### To do
Repeat the entries verbatim.

|---|

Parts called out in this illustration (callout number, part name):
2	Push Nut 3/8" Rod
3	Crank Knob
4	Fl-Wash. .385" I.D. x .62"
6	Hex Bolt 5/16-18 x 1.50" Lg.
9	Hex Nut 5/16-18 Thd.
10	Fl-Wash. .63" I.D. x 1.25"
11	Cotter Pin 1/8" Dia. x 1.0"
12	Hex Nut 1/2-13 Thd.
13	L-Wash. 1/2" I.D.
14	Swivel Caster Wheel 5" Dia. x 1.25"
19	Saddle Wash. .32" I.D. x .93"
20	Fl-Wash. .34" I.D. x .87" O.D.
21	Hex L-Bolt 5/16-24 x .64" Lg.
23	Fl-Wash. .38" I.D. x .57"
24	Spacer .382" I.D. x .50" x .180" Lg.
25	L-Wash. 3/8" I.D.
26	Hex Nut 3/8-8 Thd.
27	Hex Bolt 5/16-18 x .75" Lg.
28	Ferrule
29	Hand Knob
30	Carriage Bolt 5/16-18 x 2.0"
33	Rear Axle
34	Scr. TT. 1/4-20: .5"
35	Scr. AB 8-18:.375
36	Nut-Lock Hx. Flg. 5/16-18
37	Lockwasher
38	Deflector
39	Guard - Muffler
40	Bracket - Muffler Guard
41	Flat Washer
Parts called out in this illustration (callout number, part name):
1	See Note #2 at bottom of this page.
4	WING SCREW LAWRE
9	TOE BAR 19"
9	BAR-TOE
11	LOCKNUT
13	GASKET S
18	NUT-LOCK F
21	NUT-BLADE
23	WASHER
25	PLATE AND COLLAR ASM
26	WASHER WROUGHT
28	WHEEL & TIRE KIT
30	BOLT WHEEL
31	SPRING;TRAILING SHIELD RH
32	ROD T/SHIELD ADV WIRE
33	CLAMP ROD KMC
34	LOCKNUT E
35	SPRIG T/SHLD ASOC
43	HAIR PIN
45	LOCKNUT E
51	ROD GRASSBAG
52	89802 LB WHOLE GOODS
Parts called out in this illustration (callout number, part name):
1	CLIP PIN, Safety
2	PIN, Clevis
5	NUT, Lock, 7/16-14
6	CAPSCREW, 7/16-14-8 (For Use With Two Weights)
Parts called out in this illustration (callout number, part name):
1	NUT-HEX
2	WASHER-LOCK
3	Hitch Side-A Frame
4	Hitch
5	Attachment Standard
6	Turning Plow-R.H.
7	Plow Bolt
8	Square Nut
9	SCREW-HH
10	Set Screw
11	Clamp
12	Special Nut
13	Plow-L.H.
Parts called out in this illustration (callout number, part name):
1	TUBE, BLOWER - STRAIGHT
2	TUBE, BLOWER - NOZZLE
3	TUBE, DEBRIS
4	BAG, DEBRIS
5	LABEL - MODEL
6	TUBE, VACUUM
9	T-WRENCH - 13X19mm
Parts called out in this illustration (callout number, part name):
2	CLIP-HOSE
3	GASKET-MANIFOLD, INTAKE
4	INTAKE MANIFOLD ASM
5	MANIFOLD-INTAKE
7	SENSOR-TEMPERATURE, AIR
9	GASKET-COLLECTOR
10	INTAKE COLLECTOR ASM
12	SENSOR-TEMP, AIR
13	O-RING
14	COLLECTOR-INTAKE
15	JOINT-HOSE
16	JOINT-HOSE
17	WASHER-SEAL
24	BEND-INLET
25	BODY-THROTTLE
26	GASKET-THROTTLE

|---|

### Solved problem
Parts called out in this illustration (callout number, part name):
2	Push Nut 3/8" Rod
3	Crank Knob
4	Fl-Wash. .385" I.D. x .62"
6	Hex Bolt 5/16-18 x 1.50" Lg.
9	Hex Nut 5/16-18 Thd.
10	Fl-Wash. .63" I.D. x 1.25"
11	Cotter Pin 1/8" Dia. x 1.0"
12	Hex Nut 1/2-13 Thd.
13	L-Wash. 1/2" I.D.
14	Swivel Caster Wheel 5" Dia. x 1.25"
19	Saddle Wash. .32" I.D. x .93"
20	Fl-Wash. .34" I.D. x .87" O.D.
21	Hex L-Bolt 5/16-24 x .64" Lg.
23	Fl-Wash. .38" I.D. x .57"
24	Spacer .382" I.D. x .50" x .180" Lg.
25	L-Wash. 3/8" I.D.
26	Hex Nut 3/8-8 Thd.
27	Hex Bolt 5/16-18 x .75" Lg.
28	Ferrule
29	Hand Knob
30	Carriage Bolt 5/16-18 x 2.0"
33	Rear Axle
34	Scr. TT. 1/4-20: .5"
35	Scr. AB 8-18:.375
36	Nut-Lock Hx. Flg. 5/16-18
37	Lockwasher
38	Deflector
39	Guard - Muffler
40	Bracket - Muffler Guard
41	Flat Washer
Parts called out in this illustration (callout number, part name):
1	See Note #2 at bottom of this page.
4	WING SCREW LAWRE
9	TOE BAR 19"
9	BAR-TOE
11	LOCKNUT
13	GASKET S
18	NUT-LOCK F
21	NUT-BLADE
23	WASHER
25	PLATE AND COLLAR ASM
26	WASHER WROUGHT
28	WHEEL & TIRE KIT
30	BOLT WHEEL
31	SPRING;TRAILING SHIELD RH
32	ROD T/SHIELD ADV WIRE
33	CLAMP ROD KMC
34	LOCKNUT E
35	SPRIG T/SHLD ASOC
43	HAIR PIN
45	LOCKNUT E
51	ROD GRASSBAG
52	89802 LB WHOLE GOODS
Parts called out in this illustration (callout number, part name):
1	CLIP PIN, Safety
2	PIN, Clevis
5	NUT, Lock, 7/16-14
6	CAPSCREW, 7/16-14-8 (For Use With Two Weights)
Parts called out in this illustration (callout number, part name):
1	NUT-HEX
2	WASHER-LOCK
3	Hitch Side-A Frame
4	Hitch
5	Attachment Standard
6	Turning Plow-R.H.
7	Plow Bolt
8	Square Nut
9	SCREW-HH
10	Set Screw
11	Clamp
12	Special Nut
13	Plow-L.H.
Parts called out in this illustration (callout number, part name):
1	TUBE, BLOWER - STRAIGHT
2	TUBE, BLOWER - NOZZLE
3	TUBE, DEBRIS
4	BAG, DEBRIS
5	LABEL - MODEL
6	TUBE, VACUUM
9	T-WRENCH - 13X19mm
Parts called out in this illustration (callout number, part name):
2	CLIP-HOSE
3	GASKET-MANIFOLD, INTAKE
4	INTAKE MANIFOLD ASM
5	MANIFOLD-INTAKE
7	SENSOR-TEMPERATURE, AIR
9	GASKET-COLLECTOR
10	INTAKE COLLECTOR ASM
12	SENSOR-TEMP, AIR
13	O-RING
14	COLLECTOR-INTAKE
15	JOINT-HOSE
16	JOINT-HOSE
17	WASHER-SEAL
24	BEND-INLET
25	BODY-THROTTLE
26	GASKET-THROTTLE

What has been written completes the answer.